За считанные дни мой брат освоил иерусалимские названия и варианты всех детских игр, в которые мы играли в Тель-Авиве, начал воровать в киоске, который здесь назывался «Киоск Дова», а после летних каникул пошел в первый класс, и ему не пришлось ни приспосабливаться к уже сбившейся группе, ни бороться за место в ней. Быстрый и хитрый, обаятельный и золотоволосый, он с легкостью завоевал себе место и статус. Я был отправлен в третий класс и, как и следовало ожидать, столкнулся с настороженной и недоверчивой компанией. Вначале надо мной слегка посмеивались, как обычно посмеиваются над новым, полноватым и медлительным учеником, с черными щетинистыми волосами и низким лбом, но вскоре и меня начали приглашать к себе в дом, потому что среди родителей распространился слух, что не только Биньямин, но и я тоже — сын доктора Мендельсона, знаменитого детского врача, переехавшего сюда из Тель-Авива.
10
Иерусалимский квартал Бейт а-Керем граничил тогда с пустырями. Вади, что спускалось от самого въезда в город, то вади, по которому мы с мамой несколько лет спустя поднимались на место побоища, учиненного нами на стоянке старых автобусов, продолжалось от нашего квартала дальше на юг и там выплескивалось в долину высохшего ручья Нахаль Рефаим. Оттуда начинался маршрут нашего «большого путешествия», во время которого мама воровала луковицы цикламенов и анемонов для своего сада. Другое вади, известное огромным камнем, который лежал в его русле и назывался «Слоновой скалой», спускалось в Нахаль Сорек. Наше «маленькое путешествие» проходило по гребню отрога, что над ним, и имело одну-единственную цель — посмотреть по прямой линии домой, на северо-запад, на далекое Средиземное море.

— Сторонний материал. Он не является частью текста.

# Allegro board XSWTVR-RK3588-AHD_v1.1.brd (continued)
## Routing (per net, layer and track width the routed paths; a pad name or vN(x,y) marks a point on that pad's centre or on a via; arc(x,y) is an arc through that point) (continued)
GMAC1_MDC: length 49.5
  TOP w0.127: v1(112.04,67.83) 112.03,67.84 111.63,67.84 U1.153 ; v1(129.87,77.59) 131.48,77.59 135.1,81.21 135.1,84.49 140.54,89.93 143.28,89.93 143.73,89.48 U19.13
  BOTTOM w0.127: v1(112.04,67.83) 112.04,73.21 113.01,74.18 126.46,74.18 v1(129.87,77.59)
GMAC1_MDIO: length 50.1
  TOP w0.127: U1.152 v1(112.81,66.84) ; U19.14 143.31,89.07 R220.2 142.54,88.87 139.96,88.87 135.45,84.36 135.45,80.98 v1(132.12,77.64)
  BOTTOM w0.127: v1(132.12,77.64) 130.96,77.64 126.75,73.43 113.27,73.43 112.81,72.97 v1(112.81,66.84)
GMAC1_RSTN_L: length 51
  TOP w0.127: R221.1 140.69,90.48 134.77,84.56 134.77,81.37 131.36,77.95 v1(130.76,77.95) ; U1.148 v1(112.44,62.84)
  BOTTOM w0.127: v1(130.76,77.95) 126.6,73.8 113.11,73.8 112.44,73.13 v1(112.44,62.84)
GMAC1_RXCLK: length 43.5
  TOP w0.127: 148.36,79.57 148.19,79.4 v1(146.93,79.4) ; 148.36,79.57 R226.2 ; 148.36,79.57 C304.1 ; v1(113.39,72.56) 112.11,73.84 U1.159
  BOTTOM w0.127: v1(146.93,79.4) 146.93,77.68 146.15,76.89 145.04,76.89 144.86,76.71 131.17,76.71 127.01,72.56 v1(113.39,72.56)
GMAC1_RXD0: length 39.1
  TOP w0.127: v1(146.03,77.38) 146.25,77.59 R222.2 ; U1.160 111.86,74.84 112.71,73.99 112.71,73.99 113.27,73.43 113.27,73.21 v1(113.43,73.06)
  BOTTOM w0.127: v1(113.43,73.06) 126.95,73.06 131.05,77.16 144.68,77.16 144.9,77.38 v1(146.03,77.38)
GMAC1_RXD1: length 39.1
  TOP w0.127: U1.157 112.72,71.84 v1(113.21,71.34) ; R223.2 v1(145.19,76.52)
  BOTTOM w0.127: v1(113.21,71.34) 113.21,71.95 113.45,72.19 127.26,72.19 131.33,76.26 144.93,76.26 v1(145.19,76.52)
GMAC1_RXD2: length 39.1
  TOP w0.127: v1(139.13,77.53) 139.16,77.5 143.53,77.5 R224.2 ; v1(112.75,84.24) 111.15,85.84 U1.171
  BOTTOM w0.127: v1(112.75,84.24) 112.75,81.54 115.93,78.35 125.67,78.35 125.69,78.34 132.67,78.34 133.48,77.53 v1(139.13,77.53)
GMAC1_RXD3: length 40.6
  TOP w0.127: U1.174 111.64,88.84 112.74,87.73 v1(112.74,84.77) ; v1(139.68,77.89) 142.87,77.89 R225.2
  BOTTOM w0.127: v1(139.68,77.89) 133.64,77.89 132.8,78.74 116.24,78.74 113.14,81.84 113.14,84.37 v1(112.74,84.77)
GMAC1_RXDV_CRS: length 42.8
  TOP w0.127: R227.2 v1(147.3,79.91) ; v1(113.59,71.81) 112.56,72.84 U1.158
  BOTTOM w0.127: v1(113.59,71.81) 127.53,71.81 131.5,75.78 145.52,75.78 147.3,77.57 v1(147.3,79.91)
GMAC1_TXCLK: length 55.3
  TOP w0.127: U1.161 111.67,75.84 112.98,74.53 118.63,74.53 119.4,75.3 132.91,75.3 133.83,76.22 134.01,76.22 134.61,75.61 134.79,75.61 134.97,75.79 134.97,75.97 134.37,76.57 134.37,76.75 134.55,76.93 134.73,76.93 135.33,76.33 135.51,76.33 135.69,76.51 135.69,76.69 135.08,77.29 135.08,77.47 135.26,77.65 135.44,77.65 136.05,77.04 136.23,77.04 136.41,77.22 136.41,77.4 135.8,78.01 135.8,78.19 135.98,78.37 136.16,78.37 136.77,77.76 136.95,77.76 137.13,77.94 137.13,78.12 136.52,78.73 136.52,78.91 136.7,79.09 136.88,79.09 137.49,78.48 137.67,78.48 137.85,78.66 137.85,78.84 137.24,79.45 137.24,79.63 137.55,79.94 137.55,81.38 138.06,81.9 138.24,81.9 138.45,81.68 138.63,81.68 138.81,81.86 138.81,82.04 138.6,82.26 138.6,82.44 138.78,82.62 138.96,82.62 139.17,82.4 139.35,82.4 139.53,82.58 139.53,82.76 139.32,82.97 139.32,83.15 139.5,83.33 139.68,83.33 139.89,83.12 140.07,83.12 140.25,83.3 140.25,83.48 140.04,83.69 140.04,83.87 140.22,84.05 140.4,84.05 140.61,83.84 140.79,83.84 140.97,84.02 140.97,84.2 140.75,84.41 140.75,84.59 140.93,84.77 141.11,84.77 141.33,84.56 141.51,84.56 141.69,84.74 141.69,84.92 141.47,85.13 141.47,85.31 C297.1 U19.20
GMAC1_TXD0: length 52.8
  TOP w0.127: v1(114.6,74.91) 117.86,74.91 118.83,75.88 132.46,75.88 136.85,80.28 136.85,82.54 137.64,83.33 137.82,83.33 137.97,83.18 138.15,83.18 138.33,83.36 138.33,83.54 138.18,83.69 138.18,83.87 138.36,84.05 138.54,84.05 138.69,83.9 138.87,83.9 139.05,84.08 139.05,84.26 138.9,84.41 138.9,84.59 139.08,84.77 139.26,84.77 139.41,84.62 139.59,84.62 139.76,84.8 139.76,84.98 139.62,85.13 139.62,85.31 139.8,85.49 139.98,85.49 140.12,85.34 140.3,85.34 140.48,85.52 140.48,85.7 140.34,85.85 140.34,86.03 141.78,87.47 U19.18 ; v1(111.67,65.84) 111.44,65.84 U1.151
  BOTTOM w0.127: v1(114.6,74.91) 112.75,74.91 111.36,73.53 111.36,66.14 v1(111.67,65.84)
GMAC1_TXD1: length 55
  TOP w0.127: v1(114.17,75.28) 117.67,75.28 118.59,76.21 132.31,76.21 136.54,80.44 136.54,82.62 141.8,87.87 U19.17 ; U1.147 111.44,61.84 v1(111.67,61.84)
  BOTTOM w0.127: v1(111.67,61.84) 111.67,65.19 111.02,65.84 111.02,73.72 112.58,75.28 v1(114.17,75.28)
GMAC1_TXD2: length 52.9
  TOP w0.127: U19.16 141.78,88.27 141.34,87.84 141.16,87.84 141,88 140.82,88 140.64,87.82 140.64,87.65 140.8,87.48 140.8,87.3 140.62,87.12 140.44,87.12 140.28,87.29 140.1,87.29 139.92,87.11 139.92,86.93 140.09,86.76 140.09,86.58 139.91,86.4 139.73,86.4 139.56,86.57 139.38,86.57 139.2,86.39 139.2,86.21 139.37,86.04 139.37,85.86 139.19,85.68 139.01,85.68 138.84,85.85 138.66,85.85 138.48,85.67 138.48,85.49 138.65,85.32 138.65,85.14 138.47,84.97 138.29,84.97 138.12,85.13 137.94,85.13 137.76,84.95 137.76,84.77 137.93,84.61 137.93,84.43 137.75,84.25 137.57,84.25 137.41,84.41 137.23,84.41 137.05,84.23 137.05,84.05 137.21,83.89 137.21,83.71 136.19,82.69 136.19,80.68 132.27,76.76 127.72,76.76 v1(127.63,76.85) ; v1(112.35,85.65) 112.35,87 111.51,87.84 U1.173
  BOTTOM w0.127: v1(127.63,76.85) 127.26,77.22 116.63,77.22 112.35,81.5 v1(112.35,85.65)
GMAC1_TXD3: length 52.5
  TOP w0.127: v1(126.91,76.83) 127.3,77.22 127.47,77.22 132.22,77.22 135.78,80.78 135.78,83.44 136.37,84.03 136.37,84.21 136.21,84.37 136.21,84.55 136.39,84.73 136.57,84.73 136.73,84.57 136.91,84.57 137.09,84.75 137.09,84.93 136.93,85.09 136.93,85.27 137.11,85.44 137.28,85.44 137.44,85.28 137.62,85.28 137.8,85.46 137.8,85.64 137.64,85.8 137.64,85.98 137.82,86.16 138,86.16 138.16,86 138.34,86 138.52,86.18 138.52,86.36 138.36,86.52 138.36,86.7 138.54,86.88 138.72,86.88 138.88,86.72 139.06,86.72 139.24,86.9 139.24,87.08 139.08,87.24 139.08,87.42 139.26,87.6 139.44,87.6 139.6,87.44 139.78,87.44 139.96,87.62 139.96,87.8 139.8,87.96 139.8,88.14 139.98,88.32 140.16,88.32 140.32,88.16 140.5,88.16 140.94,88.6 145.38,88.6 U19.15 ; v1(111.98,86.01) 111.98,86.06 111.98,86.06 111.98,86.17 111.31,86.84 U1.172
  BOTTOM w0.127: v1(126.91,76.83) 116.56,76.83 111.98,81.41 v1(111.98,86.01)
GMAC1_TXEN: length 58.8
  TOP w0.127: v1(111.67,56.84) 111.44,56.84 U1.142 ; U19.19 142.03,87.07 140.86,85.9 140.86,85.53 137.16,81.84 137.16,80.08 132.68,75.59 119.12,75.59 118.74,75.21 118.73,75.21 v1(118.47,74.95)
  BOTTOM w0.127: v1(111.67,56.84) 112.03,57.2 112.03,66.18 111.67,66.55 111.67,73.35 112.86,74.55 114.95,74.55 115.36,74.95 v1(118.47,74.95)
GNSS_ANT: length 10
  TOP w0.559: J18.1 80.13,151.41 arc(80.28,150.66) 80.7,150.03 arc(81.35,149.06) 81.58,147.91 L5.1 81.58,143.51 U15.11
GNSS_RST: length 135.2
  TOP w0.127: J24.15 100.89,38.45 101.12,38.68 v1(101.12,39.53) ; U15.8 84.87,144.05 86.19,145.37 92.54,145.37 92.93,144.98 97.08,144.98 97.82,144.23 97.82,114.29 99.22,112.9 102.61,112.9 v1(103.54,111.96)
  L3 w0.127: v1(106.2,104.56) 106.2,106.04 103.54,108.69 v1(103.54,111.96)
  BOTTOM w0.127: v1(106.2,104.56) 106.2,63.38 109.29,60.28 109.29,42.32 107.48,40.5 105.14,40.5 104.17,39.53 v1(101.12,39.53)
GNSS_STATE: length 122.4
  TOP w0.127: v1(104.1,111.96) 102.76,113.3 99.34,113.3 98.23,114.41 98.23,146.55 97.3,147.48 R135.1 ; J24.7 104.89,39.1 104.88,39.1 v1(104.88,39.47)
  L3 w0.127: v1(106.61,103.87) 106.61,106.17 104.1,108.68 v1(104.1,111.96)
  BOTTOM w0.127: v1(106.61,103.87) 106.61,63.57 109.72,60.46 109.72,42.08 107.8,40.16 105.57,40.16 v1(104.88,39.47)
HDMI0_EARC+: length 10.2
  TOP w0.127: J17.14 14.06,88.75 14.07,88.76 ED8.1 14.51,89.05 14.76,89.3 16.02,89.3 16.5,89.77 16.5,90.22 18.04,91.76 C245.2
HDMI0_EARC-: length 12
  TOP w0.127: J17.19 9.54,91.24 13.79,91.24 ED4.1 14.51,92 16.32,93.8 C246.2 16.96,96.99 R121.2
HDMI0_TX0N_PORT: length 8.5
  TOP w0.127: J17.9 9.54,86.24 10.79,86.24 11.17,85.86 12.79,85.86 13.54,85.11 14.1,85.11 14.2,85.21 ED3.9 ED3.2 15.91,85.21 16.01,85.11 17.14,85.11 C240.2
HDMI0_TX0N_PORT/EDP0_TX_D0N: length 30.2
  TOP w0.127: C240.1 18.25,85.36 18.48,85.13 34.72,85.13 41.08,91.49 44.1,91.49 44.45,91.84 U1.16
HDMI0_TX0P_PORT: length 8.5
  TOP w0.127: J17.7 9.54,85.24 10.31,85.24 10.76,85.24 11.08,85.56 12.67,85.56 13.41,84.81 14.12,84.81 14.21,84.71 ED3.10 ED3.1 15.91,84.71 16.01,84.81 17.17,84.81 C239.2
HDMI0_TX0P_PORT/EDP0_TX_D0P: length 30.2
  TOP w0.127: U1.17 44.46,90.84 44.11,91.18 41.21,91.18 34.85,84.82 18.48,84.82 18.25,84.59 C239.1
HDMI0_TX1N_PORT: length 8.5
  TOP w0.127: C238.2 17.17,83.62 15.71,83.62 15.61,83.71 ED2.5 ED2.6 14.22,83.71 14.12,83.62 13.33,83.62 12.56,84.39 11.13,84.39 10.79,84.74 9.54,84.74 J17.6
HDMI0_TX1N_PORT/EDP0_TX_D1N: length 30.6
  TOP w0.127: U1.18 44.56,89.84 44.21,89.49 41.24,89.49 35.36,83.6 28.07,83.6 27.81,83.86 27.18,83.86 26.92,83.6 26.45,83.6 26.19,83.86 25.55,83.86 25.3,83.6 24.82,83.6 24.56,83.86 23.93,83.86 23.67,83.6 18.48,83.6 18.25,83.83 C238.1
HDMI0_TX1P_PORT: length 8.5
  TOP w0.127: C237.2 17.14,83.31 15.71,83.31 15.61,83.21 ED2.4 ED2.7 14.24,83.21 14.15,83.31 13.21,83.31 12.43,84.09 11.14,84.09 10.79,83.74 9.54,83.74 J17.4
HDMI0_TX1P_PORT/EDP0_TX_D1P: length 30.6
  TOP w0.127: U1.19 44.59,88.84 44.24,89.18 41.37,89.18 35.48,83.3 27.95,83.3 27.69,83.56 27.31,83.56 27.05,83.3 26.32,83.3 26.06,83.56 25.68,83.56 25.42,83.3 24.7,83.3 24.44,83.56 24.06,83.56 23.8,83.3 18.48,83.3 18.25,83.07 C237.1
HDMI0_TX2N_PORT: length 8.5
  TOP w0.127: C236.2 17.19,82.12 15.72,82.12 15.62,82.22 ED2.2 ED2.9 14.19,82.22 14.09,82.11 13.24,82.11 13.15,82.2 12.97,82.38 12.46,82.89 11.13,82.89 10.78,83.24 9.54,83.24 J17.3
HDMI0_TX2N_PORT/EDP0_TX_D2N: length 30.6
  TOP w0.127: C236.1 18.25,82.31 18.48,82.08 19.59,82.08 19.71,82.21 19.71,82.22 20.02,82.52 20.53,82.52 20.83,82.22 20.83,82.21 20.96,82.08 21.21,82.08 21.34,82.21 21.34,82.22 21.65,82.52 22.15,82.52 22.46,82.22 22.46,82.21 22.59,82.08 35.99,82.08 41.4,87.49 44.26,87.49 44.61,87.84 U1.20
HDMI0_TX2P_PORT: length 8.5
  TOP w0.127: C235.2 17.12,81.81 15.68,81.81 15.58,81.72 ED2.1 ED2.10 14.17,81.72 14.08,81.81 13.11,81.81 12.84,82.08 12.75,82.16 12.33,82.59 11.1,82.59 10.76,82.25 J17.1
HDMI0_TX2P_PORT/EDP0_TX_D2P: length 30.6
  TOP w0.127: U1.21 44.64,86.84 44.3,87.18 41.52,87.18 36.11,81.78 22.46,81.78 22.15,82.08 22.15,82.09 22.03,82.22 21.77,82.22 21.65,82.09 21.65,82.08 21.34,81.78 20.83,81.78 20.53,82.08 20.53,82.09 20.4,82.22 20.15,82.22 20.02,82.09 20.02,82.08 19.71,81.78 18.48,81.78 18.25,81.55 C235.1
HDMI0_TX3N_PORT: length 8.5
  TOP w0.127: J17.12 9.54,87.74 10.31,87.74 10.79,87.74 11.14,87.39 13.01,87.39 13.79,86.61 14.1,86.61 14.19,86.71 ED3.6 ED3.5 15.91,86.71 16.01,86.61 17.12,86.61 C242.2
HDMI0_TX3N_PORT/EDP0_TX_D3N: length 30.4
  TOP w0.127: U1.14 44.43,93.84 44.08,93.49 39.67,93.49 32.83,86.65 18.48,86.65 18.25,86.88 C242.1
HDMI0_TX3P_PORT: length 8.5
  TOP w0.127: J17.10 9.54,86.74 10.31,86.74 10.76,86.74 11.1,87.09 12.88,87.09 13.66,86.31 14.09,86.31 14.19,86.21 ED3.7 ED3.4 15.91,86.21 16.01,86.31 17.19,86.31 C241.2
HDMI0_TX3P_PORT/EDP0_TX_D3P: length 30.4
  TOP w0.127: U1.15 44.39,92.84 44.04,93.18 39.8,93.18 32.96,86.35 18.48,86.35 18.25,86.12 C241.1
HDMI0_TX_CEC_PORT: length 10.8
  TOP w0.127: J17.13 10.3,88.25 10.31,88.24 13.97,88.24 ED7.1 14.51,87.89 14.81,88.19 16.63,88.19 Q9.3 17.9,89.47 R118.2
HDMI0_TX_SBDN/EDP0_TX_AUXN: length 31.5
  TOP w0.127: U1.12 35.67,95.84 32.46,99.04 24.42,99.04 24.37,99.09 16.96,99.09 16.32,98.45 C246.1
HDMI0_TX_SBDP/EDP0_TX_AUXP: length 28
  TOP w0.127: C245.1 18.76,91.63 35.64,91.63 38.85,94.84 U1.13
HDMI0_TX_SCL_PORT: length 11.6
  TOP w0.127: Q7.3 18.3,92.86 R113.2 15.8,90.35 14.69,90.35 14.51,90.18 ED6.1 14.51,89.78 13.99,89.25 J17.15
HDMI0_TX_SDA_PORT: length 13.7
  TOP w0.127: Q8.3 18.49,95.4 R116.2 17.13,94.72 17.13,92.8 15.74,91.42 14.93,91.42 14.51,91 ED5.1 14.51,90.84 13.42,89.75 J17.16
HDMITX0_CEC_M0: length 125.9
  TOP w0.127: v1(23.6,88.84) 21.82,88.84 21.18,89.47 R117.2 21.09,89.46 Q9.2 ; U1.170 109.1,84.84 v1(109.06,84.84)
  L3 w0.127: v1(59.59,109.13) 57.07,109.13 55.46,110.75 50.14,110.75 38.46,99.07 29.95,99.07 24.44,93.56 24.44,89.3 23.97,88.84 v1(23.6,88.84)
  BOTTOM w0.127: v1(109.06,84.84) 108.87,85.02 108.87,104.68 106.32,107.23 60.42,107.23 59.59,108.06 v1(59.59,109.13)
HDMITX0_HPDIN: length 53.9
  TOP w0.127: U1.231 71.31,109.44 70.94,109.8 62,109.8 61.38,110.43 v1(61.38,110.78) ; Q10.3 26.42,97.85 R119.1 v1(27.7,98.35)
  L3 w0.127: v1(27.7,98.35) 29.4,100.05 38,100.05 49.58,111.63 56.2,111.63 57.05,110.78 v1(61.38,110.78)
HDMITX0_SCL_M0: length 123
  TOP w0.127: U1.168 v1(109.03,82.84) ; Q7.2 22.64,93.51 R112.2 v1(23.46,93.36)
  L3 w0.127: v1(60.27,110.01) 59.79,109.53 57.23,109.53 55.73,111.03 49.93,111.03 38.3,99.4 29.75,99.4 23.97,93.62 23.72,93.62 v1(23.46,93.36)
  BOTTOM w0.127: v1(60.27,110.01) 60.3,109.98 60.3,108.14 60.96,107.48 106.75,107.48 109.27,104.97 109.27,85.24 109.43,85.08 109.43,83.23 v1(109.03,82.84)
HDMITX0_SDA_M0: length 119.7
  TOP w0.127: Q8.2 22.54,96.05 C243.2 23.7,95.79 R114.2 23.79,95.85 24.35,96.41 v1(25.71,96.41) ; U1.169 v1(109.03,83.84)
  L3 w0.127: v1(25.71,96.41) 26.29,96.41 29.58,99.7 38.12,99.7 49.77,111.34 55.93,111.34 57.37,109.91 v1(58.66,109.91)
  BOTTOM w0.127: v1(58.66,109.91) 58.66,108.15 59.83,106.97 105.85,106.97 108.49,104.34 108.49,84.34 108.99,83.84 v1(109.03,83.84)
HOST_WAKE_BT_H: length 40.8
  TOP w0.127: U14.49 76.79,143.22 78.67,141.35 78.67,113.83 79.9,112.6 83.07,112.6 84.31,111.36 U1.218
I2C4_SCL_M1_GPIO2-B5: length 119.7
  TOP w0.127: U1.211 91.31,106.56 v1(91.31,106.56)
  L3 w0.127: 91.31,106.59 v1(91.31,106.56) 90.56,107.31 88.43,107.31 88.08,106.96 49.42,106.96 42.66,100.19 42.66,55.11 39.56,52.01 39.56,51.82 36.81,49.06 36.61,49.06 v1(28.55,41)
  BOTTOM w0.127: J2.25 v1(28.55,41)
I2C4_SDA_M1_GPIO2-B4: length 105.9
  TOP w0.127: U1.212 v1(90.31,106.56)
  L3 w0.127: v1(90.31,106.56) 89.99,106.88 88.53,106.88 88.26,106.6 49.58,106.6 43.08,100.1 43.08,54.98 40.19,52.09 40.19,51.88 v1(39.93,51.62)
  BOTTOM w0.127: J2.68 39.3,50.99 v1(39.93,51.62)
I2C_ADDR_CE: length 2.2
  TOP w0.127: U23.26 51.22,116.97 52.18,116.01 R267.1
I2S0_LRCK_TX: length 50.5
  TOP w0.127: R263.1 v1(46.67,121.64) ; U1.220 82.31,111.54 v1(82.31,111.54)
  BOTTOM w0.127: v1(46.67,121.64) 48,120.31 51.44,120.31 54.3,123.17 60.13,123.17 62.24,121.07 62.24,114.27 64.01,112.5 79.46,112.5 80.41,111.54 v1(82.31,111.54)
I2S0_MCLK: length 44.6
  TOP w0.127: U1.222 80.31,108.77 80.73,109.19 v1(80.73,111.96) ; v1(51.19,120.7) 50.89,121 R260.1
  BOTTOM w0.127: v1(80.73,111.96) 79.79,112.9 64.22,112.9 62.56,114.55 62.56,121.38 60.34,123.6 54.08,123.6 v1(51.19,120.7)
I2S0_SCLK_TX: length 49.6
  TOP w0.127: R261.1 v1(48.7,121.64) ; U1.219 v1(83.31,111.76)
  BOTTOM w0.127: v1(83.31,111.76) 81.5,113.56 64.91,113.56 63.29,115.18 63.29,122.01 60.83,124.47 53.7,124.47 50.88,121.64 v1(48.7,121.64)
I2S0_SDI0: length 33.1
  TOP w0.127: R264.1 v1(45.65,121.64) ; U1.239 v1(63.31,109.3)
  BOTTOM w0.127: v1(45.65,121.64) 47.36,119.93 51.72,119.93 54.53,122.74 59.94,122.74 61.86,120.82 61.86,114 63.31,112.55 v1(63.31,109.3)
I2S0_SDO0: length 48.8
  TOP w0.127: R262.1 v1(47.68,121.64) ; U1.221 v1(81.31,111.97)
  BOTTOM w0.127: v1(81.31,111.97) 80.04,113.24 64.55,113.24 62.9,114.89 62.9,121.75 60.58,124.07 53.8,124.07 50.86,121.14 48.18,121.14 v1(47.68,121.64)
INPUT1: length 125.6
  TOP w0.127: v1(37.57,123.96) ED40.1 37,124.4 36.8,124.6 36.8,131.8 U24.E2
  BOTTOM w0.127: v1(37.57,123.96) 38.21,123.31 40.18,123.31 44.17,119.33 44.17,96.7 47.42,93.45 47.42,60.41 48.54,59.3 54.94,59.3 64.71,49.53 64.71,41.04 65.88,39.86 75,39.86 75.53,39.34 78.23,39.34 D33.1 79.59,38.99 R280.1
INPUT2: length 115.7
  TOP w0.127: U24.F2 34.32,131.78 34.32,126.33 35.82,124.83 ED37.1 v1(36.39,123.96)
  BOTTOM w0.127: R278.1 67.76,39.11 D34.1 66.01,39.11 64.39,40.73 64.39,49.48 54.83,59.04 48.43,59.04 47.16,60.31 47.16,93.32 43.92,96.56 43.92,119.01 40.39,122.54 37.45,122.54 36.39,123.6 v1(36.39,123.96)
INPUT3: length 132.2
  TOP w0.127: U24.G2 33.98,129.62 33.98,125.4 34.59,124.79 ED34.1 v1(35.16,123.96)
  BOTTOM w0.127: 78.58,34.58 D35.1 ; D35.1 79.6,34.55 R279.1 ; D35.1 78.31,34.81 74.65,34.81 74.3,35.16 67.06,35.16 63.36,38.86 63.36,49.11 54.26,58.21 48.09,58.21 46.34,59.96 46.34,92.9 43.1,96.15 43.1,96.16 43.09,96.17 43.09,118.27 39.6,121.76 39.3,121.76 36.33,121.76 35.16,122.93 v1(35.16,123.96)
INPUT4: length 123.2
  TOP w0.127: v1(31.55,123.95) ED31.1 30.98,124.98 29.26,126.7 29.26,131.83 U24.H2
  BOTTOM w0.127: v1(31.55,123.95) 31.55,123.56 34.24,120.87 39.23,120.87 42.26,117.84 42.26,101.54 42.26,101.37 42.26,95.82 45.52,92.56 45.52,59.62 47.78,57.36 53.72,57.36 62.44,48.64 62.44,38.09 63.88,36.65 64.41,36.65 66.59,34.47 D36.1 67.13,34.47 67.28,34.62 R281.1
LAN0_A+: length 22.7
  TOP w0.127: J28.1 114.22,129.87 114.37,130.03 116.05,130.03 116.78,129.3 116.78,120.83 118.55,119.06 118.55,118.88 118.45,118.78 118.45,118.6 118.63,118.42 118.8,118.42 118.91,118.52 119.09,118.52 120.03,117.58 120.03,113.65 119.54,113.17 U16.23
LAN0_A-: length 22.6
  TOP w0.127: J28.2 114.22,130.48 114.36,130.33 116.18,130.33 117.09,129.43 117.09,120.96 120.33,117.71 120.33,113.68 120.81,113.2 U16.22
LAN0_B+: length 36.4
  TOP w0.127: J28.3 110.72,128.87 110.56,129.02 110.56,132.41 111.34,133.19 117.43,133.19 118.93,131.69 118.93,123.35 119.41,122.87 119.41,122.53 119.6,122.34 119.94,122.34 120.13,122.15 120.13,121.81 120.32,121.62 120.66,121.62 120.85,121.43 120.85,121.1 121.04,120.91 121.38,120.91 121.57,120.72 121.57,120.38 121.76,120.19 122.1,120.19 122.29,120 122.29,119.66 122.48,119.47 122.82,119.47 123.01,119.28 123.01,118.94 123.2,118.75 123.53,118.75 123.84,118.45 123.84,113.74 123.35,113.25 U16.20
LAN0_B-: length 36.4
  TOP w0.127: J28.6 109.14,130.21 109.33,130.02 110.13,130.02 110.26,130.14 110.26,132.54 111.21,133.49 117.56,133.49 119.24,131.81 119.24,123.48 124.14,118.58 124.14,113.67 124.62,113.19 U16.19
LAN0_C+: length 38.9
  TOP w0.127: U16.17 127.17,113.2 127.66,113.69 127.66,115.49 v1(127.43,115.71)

На его берегу — так ты говорила и требовала, чтобы мы верили, — раскинулся Тель-Авив.
— Давайте пойдем в наше «маленькое путешествие», — говорила ты, и мы знали, что будем снова вглядываться в далекую светлую полоску побережья и в серо-голубые просторы за ней, в ту вечную дымку, в глубине которой, как ты утверждала, прячется Тель-Авив. Я не видел его, но верил тебе, что он там. Он, и море, и дом, и балкон, и «морнинг глори», что взбирался на него, и пуанциана, пылавшая красным огнем во дворе, — дерево, которое любит тепло, и дарует тень, и никогда не могло прижиться в холодном Иерусалиме.
— Умное растение, — заключала мама каждый очередной свой тоскливый гимн во славу дерева и его пышного цветения. — Факт. Во всем Иерусалиме нет ни одной пуанцианы. А кто посадит ее здесь, тот подписывает ей смертный приговор, потому что деревья не могут убежать, когда им плохо. Они остаются до конца.
Она и брат, легкие и быстрые, как газели, прыгали с камня на камень — в Иерусалиме черт может разозлиться, если наступишь не на линию между камнями, а на землю между ними, — а я плелся за ними, опустив голову, уставив глаза в землю. В том месте, где склон стал круче, мы остановились. Открылся вид на далекий простор.